Your task
Please print the entries below exactly, from the line with "# Drawn here: x" through the line with "for name, color, linetype", including both of those lines and leaving out all others.

Stored data:
=== Section Start ===

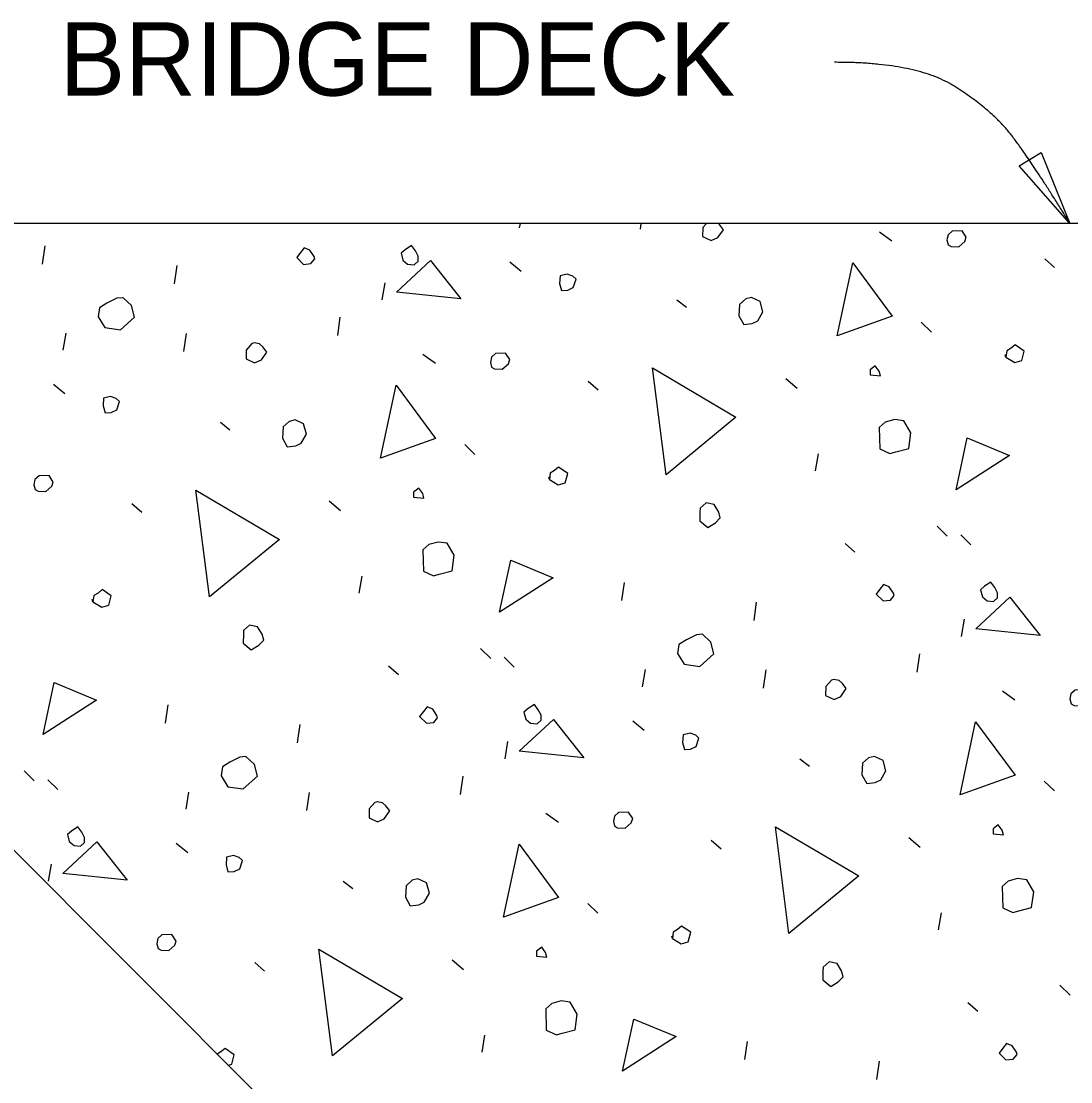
# Model space of a CAD drawing. Extents: x -1660015.2 to -1659984.9, y 2580594.2 to 2580616.7.
# Drawn here: x -1659993.208 to -1659991.042, y 2580612.425 to 2580614.613 of the extents above; entities that cross this region are included whole.
import ezdxf

# ---------------------------------------------------------------- set-up
doc = ezdxf.new("R2010")
doc.units = 0
for name, color, linetype in [('Miscellaneous', 7, 'Continuous'), ('Miscellaneous3', 7, 'Continuous'), ('PlotBorder_dp', 7, 'Continuous'), ('SheetLines_dp', 7, 'Continuous')]:
    doc.layers.add(name, color=color, linetype=linetype)

msp = doc.modelspace()

# ---------------------------------------------------------------- linework, layer by layer
at = {"layer": 'Miscellaneous'}
for p, q in [((-1659992.1793, 2580614.1865), (-1659992.1778, 2580614.1954)), ((-1659991.93, 2580614.1834), (-1659991.9283, 2580614.1954)), ((-1659991.4369, 2580614.1784), (-1659991.4111, 2580614.1594)), ((-1659993.1635, 2580614.1117), (-1659993.1581, 2580614.1494)), ((-1659992.8911, 2580614.0708), (-1659992.8857, 2580614.1085)), ((-1659992.1994, 2580614.1164), (-1659992.176, 2580614.0968)), ((-1659991.0958, 2580614.1222), (-1659991.0755, 2580614.1044)), ((-1659992.4631, 2580614.038), (-1659992.457, 2580614.0733)), ((-1659991.8548, 2580614.0379), (-1659991.8352, 2580614.0225)), ((-1659992.5546, 2580613.9643), (-1659992.5492, 2580614.002)), ((-1659991.3507, 2580613.9918), (-1659991.3297, 2580613.9715)), ((-1659993.1211, 2580613.9341), (-1659993.115, 2580613.9694)), ((-1659992.8718, 2580613.9311), (-1659992.8664, 2580613.9687)), ((-1659992.3787, 2580613.926), (-1659992.3529, 2580613.907)), ((-1659992.0376, 2580613.8699), (-1659992.0172, 2580613.852)), ((-1659991.6301, 2580613.8755), (-1659991.6068, 2580613.8559)), ((-1659993.1412, 2580613.8641), (-1659993.1178, 2580613.8444)), ((-1659992.7966, 2580613.7856), (-1659992.7769, 2580613.7701)), ((-1659992.2925, 2580613.7395), (-1659992.2715, 2580613.7192)), ((-1659991.5687, 2580613.6849), (-1659991.5626, 2580613.7202)), ((-1659992.9793, 2580613.6175), (-1659992.959, 2580613.5997)), ((-1659992.5719, 2580613.6232), (-1659992.5485, 2580613.6036)), ((-1659991.3182, 2580613.5709), (-1659991.2972, 2580613.5506)), ((-1659991.2693, 2580613.5529), (-1659991.2484, 2580613.5327)), ((-1659991.508, 2580613.5356), (-1659991.4877, 2580613.5177)), ((-1659992.5105, 2580613.4326), (-1659992.5044, 2580613.4679)), ((-1659991.9681, 2580613.4175), (-1659991.9627, 2580613.4551)), ((-1659991.6957, 2580613.3766), (-1659991.6903, 2580613.4142)), ((-1659991.2676, 2580613.3437), (-1659991.2616, 2580613.379)), ((-1659992.2599, 2580613.3185), (-1659992.239, 2580613.2983)), ((-1659992.2111, 2580613.3006), (-1659992.1902, 2580613.2803)), ((-1659991.3592, 2580613.27), (-1659991.3538, 2580613.3077)), ((-1659992.4498, 2580613.2832), (-1659992.4294, 2580613.2654)), ((-1659991.9257, 2580613.2399), (-1659991.9196, 2580613.2752)), ((-1659991.6764, 2580613.2368), (-1659991.671, 2580613.2745)), ((-1659991.1833, 2580613.2317), (-1659991.1575, 2580613.2128)), ((-1659992.9099, 2580613.1651), (-1659992.9044, 2580613.2028)), ((-1659991.9457, 2580613.1698), (-1659991.9224, 2580613.1502)), ((-1659992.6375, 2580613.1242), (-1659992.6321, 2580613.1619)), ((-1659992.2094, 2580613.0914), (-1659992.2033, 2580613.1267)), ((-1659991.6012, 2580613.0913), (-1659991.5815, 2580613.0759)), ((-1659993.2017, 2580613.0662), (-1659993.1808, 2580613.0459)), ((-1659992.301, 2580613.0177), (-1659992.2955, 2580613.0554)), ((-1659993.1529, 2580613.0482), (-1659993.1319, 2580613.028)), ((-1659991.0971, 2580613.0452), (-1659991.0761, 2580613.0249)), ((-1659992.8675, 2580612.9875), (-1659992.8614, 2580613.0228)), ((-1659992.6182, 2580612.9844), (-1659992.6127, 2580613.0221)), ((-1659992.1251, 2580612.9794), (-1659992.0993, 2580612.9604)), ((-1659991.3765, 2580612.9289), (-1659991.3531, 2580612.9093)), ((-1659992.8875, 2580612.9175), (-1659992.8641, 2580612.8978)), ((-1659991.7839, 2580612.9233), (-1659991.7636, 2580612.9054)), ((-1659993.1512, 2580612.839), (-1659993.1451, 2580612.8743)), ((-1659992.543, 2580612.839), (-1659992.5233, 2580612.8235)), ((-1659992.0388, 2580612.7929), (-1659992.0179, 2580612.7726)), ((-1659991.3151, 2580612.7383), (-1659991.309, 2580612.7736)), ((-1659992.7257, 2580612.6709), (-1659992.7054, 2580612.6531)), ((-1659992.3183, 2580612.6766), (-1659992.2949, 2580612.657)), ((-1659991.0645, 2580612.6243), (-1659991.0436, 2580612.604)), ((-1659991.2543, 2580612.589), (-1659991.234, 2580612.5711)), ((-1659992.2568, 2580612.486), (-1659992.2508, 2580612.5213)), ((-1659991.7144, 2580612.4708), (-1659991.709, 2580612.5085)), ((-1659991.4421, 2580612.4299), (-1659991.4366, 2580612.4676))]:
    msp.add_line(p, q, dxfattribs=at)
for points in [[(-1659991.8015, 2580614.1868), (-1659991.8018, 2580614.1686), (-1659991.7841, 2580614.1604), (-1659991.7703, 2580614.1667), (-1659991.759, 2580614.1826), (-1659991.7671, 2580614.1934), (-1659991.7693, 2580614.1954)], [(-1659991.794, 2580614.1954), (-1659991.8015, 2580614.1868)], [(-1659991.2952, 2580614.1516), (-1659991.2891, 2580614.1481), (-1659991.2733, 2580614.1471), (-1659991.2607, 2580614.1583), (-1659991.2578, 2580614.1668), (-1659991.2665, 2580614.18), (-1659991.2872, 2580614.1797), (-1659991.2955, 2580614.1722), (-1659991.2978, 2580614.1613), (-1659991.2952, 2580614.1516)], [(-1659992.4202, 2580614.1194), (-1659992.4103, 2580614.1116), (-1659992.397, 2580614.1101), (-1659992.3886, 2580614.1175), (-1659992.3888, 2580614.1278), (-1659992.3944, 2580614.1392), (-1659992.4025, 2580614.15), (-1659992.4157, 2580614.1413), (-1659992.424, 2580614.1339), (-1659992.4202, 2580614.1194)], [(-1659992.6392, 2580614.1254), (-1659992.625, 2580614.1111), (-1659992.6099, 2580614.1125), (-1659992.6021, 2580614.1224), (-1659992.6034, 2580614.1272), (-1659992.6121, 2580614.1404), (-1659992.6237, 2580614.145), (-1659992.6315, 2580614.1352), (-1659992.6392, 2580614.1254)], [(-1659992.4336, 2580614.0536), (-1659992.3632, 2580614.1191), (-1659992.3006, 2580614.0401), (-1659992.4336, 2580614.0536)], [(-1659991.5243, 2580613.9634), (-1659991.4922, 2580614.1144), (-1659991.411, 2580614.0041), (-1659991.5243, 2580613.9634)], [(-1659992.0967, 2580614.0714), (-1659992.0929, 2580614.057), (-1659992.0801, 2580614.0578), (-1659992.0687, 2580614.0634), (-1659992.0629, 2580614.0805), (-1659992.0697, 2580614.0864), (-1659992.0813, 2580614.0911), (-1659992.0958, 2580614.0872), (-1659992.0967, 2580614.0714)], [(-1659993.0489, 2580614.0027), (-1659993.0352, 2580613.9805), (-1659993.003, 2580613.9761), (-1659992.9737, 2580614.0021), (-1659992.9801, 2580614.0263), (-1659992.9974, 2580614.0423), (-1659993.0101, 2580614.0415), (-1659993.0306, 2580614.0309), (-1659993.0462, 2580614.0215), (-1659993.0489, 2580614.0027)], [(-1659991.7255, 2580614.0286), (-1659991.7269, 2580614.0049), (-1659991.7169, 2580613.9869), (-1659991.6994, 2580613.989), (-1659991.6879, 2580613.9946), (-1659991.6773, 2580614.013), (-1659991.6831, 2580614.0347), (-1659991.7009, 2580614.0429), (-1659991.7129, 2580614.0397), (-1659991.7255, 2580614.0286)], [(-1659992.7433, 2580613.9344), (-1659992.7436, 2580613.9162), (-1659992.7259, 2580613.908), (-1659992.712, 2580613.9143), (-1659992.7008, 2580613.9303), (-1659992.7089, 2580613.9411), (-1659992.7156, 2580613.947), (-1659992.7266, 2580613.9493), (-1659992.7314, 2580613.948), (-1659992.7433, 2580613.9344)], [(-1659991.1761, 2580613.9196), (-1659991.1577, 2580613.9089), (-1659991.1432, 2580613.9128), (-1659991.1381, 2580613.9323), (-1659991.1571, 2580613.9453), (-1659991.1654, 2580613.9379), (-1659991.1745, 2580613.9329), (-1659991.1761, 2580613.9196), (-1659991.1773, 2580613.9244)], [(-1659992.237, 2580613.8993), (-1659992.2308, 2580613.8957), (-1659992.2151, 2580613.8948), (-1659992.2025, 2580613.9059), (-1659992.1996, 2580613.9145), (-1659992.2083, 2580613.9277), (-1659992.2289, 2580613.9273), (-1659992.2373, 2580613.9199), (-1659992.2395, 2580613.9089), (-1659992.237, 2580613.8993)], [(-1659991.8773, 2580613.6773), (-1659991.9052, 2580613.8976), (-1659991.7331, 2580613.7962), (-1659991.8773, 2580613.6773)], [(-1659991.4562, 2580613.8833), (-1659991.435, 2580613.8812), (-1659991.4375, 2580613.8909), (-1659991.4456, 2580613.9017), (-1659991.4564, 2580613.8936), (-1659991.4562, 2580613.8833)], [(-1659992.4661, 2580613.7111), (-1659992.434, 2580613.862), (-1659992.3527, 2580613.7518), (-1659992.4661, 2580613.7111)], [(-1659993.0385, 2580613.8191), (-1659993.0346, 2580613.8046), (-1659993.0219, 2580613.8054), (-1659993.0105, 2580613.8111), (-1659993.0047, 2580613.8282), (-1659993.0115, 2580613.8341), (-1659993.0231, 2580613.8388), (-1659993.0376, 2580613.8349), (-1659993.0385, 2580613.8191)], [(-1659992.6673, 2580613.7762), (-1659992.6687, 2580613.7525), (-1659992.6587, 2580613.7345), (-1659992.6411, 2580613.7366), (-1659992.6297, 2580613.7423), (-1659992.6191, 2580613.7607), (-1659992.6249, 2580613.7824), (-1659992.6426, 2580613.7906), (-1659992.6547, 2580613.7873), (-1659992.6673, 2580613.7762)], [(-1659991.4374, 2580613.7745), (-1659991.4361, 2580613.7308), (-1659991.4153, 2580613.7209), (-1659991.4032, 2580613.7241), (-1659991.3766, 2580613.7312), (-1659991.3723, 2580613.7634), (-1659991.3867, 2580613.7881), (-1659991.4055, 2580613.7908), (-1659991.4249, 2580613.7856), (-1659991.4374, 2580613.7745)], [(-1659991.2788, 2580613.6461), (-1659991.2557, 2580613.7533), (-1659991.1684, 2580613.7171), (-1659991.2788, 2580613.6461)], [(-1659992.1178, 2580613.6672), (-1659992.0995, 2580613.6566), (-1659992.085, 2580613.6605), (-1659992.0798, 2580613.68), (-1659992.0989, 2580613.693), (-1659992.1072, 2580613.6856), (-1659992.1162, 2580613.6806), (-1659992.1178, 2580613.6672), (-1659992.1191, 2580613.672)], [(-1659993.1787, 2580613.6469), (-1659993.1726, 2580613.6434), (-1659993.1568, 2580613.6425), (-1659993.1443, 2580613.6536), (-1659993.1414, 2580613.6621), (-1659993.1501, 2580613.6753), (-1659993.1707, 2580613.675), (-1659993.1791, 2580613.6675), (-1659993.1813, 2580613.6566), (-1659993.1787, 2580613.6469)], [(-1659992.398, 2580613.631), (-1659992.3767, 2580613.6289), (-1659992.3793, 2580613.6386), (-1659992.3874, 2580613.6493), (-1659992.3982, 2580613.6413), (-1659992.398, 2580613.631)], [(-1659992.819, 2580613.425), (-1659992.847, 2580613.6452), (-1659992.6749, 2580613.5438), (-1659992.819, 2580613.425)], [(-1659991.8074, 2580613.6003), (-1659991.8077, 2580613.5821), (-1659991.7911, 2580613.5684), (-1659991.7755, 2580613.5778), (-1659991.7654, 2580613.5882), (-1659991.7686, 2580613.6003), (-1659991.778, 2580613.6159), (-1659991.7944, 2580613.6193), (-1659991.807, 2580613.6082), (-1659991.8074, 2580613.6003)], [(-1659992.3792, 2580613.5221), (-1659992.3778, 2580613.4785), (-1659992.3571, 2580613.4685), (-1659992.345, 2580613.4718), (-1659992.3184, 2580613.4789), (-1659992.3141, 2580613.5111), (-1659992.3285, 2580613.5357), (-1659992.3473, 2580613.5384), (-1659992.3666, 2580613.5332), (-1659992.3792, 2580613.5221)], [(-1659992.2206, 2580613.3938), (-1659992.1975, 2580613.5009), (-1659992.1102, 2580613.4648), (-1659992.2206, 2580613.3938)], [(-1659991.4438, 2580613.4311), (-1659991.4296, 2580613.4168), (-1659991.4144, 2580613.4183), (-1659991.4067, 2580613.4281), (-1659991.408, 2580613.4329), (-1659991.4167, 2580613.4461), (-1659991.4283, 2580613.4508), (-1659991.436, 2580613.441), (-1659991.4438, 2580613.4311)], [(-1659991.2247, 2580613.4251), (-1659991.2149, 2580613.4174), (-1659991.2015, 2580613.4158), (-1659991.1932, 2580613.4232), (-1659991.1933, 2580613.4335), (-1659991.199, 2580613.4449), (-1659991.2071, 2580613.4557), (-1659991.2203, 2580613.447), (-1659991.2286, 2580613.4396), (-1659991.2247, 2580613.4251)], [(-1659993.0596, 2580613.4149), (-1659993.0412, 2580613.4043), (-1659993.0267, 2580613.4081), (-1659993.0216, 2580613.4276), (-1659993.0406, 2580613.4406), (-1659993.049, 2580613.4332), (-1659993.058, 2580613.4282), (-1659993.0596, 2580613.4149), (-1659993.0609, 2580613.4197)], [(-1659991.2382, 2580613.3594), (-1659991.1677, 2580613.4249), (-1659991.1052, 2580613.3459), (-1659991.2382, 2580613.3594)], [(-1659992.7492, 2580613.3479), (-1659992.7495, 2580613.3297), (-1659992.7329, 2580613.316), (-1659992.7173, 2580613.3254), (-1659992.7072, 2580613.3359), (-1659992.7104, 2580613.348), (-1659992.7198, 2580613.3636), (-1659992.7362, 2580613.3669), (-1659992.7487, 2580613.3558), (-1659992.7492, 2580613.3479)], [(-1659991.8535, 2580613.3084), (-1659991.8397, 2580613.2862), (-1659991.8075, 2580613.2819), (-1659991.7783, 2580613.3079), (-1659991.7847, 2580613.332), (-1659991.802, 2580613.3481), (-1659991.8147, 2580613.3473), (-1659991.8351, 2580613.3366), (-1659991.8507, 2580613.3272), (-1659991.8535, 2580613.3084)], [(-1659991.5479, 2580613.2402), (-1659991.5482, 2580613.222), (-1659991.5305, 2580613.2138), (-1659991.5166, 2580613.2201), (-1659991.5054, 2580613.236), (-1659991.5134, 2580613.2468), (-1659991.5202, 2580613.2528), (-1659991.5312, 2580613.255), (-1659991.536, 2580613.2537), (-1659991.5479, 2580613.2402)], [(-1659993.1623, 2580613.1415), (-1659993.1393, 2580613.2486), (-1659993.052, 2580613.2124), (-1659993.1623, 2580613.1415)], [(-1659991.0415, 2580613.205), (-1659991.0354, 2580613.2015), (-1659991.0196, 2580613.2005), (-1659991.0071, 2580613.2117), (-1659991.0042, 2580613.2202), (-1659991.0129, 2580613.2334), (-1659991.0335, 2580613.2331), (-1659991.0419, 2580613.2256), (-1659991.0441, 2580613.2147), (-1659991.0415, 2580613.205)], [(-1659992.3855, 2580613.1788), (-1659992.3714, 2580613.1645), (-1659992.3562, 2580613.1659), (-1659992.3485, 2580613.1758), (-1659992.3498, 2580613.1806), (-1659992.3585, 2580613.1938), (-1659992.3701, 2580613.1984), (-1659992.3778, 2580613.1886), (-1659992.3855, 2580613.1788)], [(-1659992.1665, 2580613.1728), (-1659992.1567, 2580613.165), (-1659992.1433, 2580613.1634), (-1659992.135, 2580613.1709), (-1659992.1351, 2580613.1812), (-1659992.1408, 2580613.1926), (-1659992.1488, 2580613.2034), (-1659992.162, 2580613.1947), (-1659992.1704, 2580613.1872), (-1659992.1665, 2580613.1728)], [(-1659992.18, 2580613.107), (-1659992.1095, 2580613.1725), (-1659992.0469, 2580613.0935), (-1659992.18, 2580613.107)], [(-1659991.2706, 2580613.0168), (-1659991.2386, 2580613.1677), (-1659991.1573, 2580613.0575), (-1659991.2706, 2580613.0168)], [(-1659991.8431, 2580613.1248), (-1659991.8392, 2580613.1103), (-1659991.8265, 2580613.1112), (-1659991.8151, 2580613.1168), (-1659991.8093, 2580613.1339), (-1659991.8161, 2580613.1398), (-1659991.8277, 2580613.1445), (-1659991.8421, 2580613.1406), (-1659991.8431, 2580613.1248)], [(-1659992.7952, 2580613.0561), (-1659992.7815, 2580613.0338), (-1659992.7493, 2580613.0295), (-1659992.72, 2580613.0555), (-1659992.7265, 2580613.0797), (-1659992.7438, 2580613.0957), (-1659992.7565, 2580613.0949), (-1659992.7769, 2580613.0843), (-1659992.7925, 2580613.0749), (-1659992.7952, 2580613.0561)], [(-1659991.4718, 2580613.082), (-1659991.4733, 2580613.0583), (-1659991.4633, 2580613.0403), (-1659991.4457, 2580613.0424), (-1659991.4343, 2580613.048), (-1659991.4237, 2580613.0664), (-1659991.4295, 2580613.0881), (-1659991.4472, 2580613.0963), (-1659991.4593, 2580613.0931), (-1659991.4718, 2580613.082)], [(-1659992.4897, 2580612.9878), (-1659992.49, 2580612.9696), (-1659992.4722, 2580612.9614), (-1659992.4584, 2580612.9677), (-1659992.4471, 2580612.9837), (-1659992.4552, 2580612.9945), (-1659992.462, 2580613.0004), (-1659992.4729, 2580613.0027), (-1659992.4778, 2580613.0014), (-1659992.4897, 2580612.9878)], [(-1659991.9833, 2580612.9527), (-1659991.9772, 2580612.9491), (-1659991.9614, 2580612.9482), (-1659991.9489, 2580612.9593), (-1659991.946, 2580612.9679), (-1659991.9547, 2580612.9811), (-1659991.9753, 2580612.9807), (-1659991.9837, 2580612.9733), (-1659991.9859, 2580612.9623), (-1659991.9833, 2580612.9527)], [(-1659993.1083, 2580612.9204), (-1659993.0985, 2580612.9127), (-1659993.0851, 2580612.9111), (-1659993.0767, 2580612.9185), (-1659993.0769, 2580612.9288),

=== Section End ===

Response to this task
# Drawn here: x -1659993.208 to -1659991.042, y 2580612.425 to 2580614.613 of the extents above; entities that cross this region are included whole.
import ezdxf

# ---------------------------------------------------------------- set-up
doc = ezdxf.new("R2010")
doc.units = 0
for name, color, linetype in [('Miscellaneous', 7, 'Continuous'), ('Miscellaneous3', 7, 'Continuous'), ('PlotBorder_dp', 7, 'Continuous'), ('SheetLines_dp', 7, 'Continuous')]:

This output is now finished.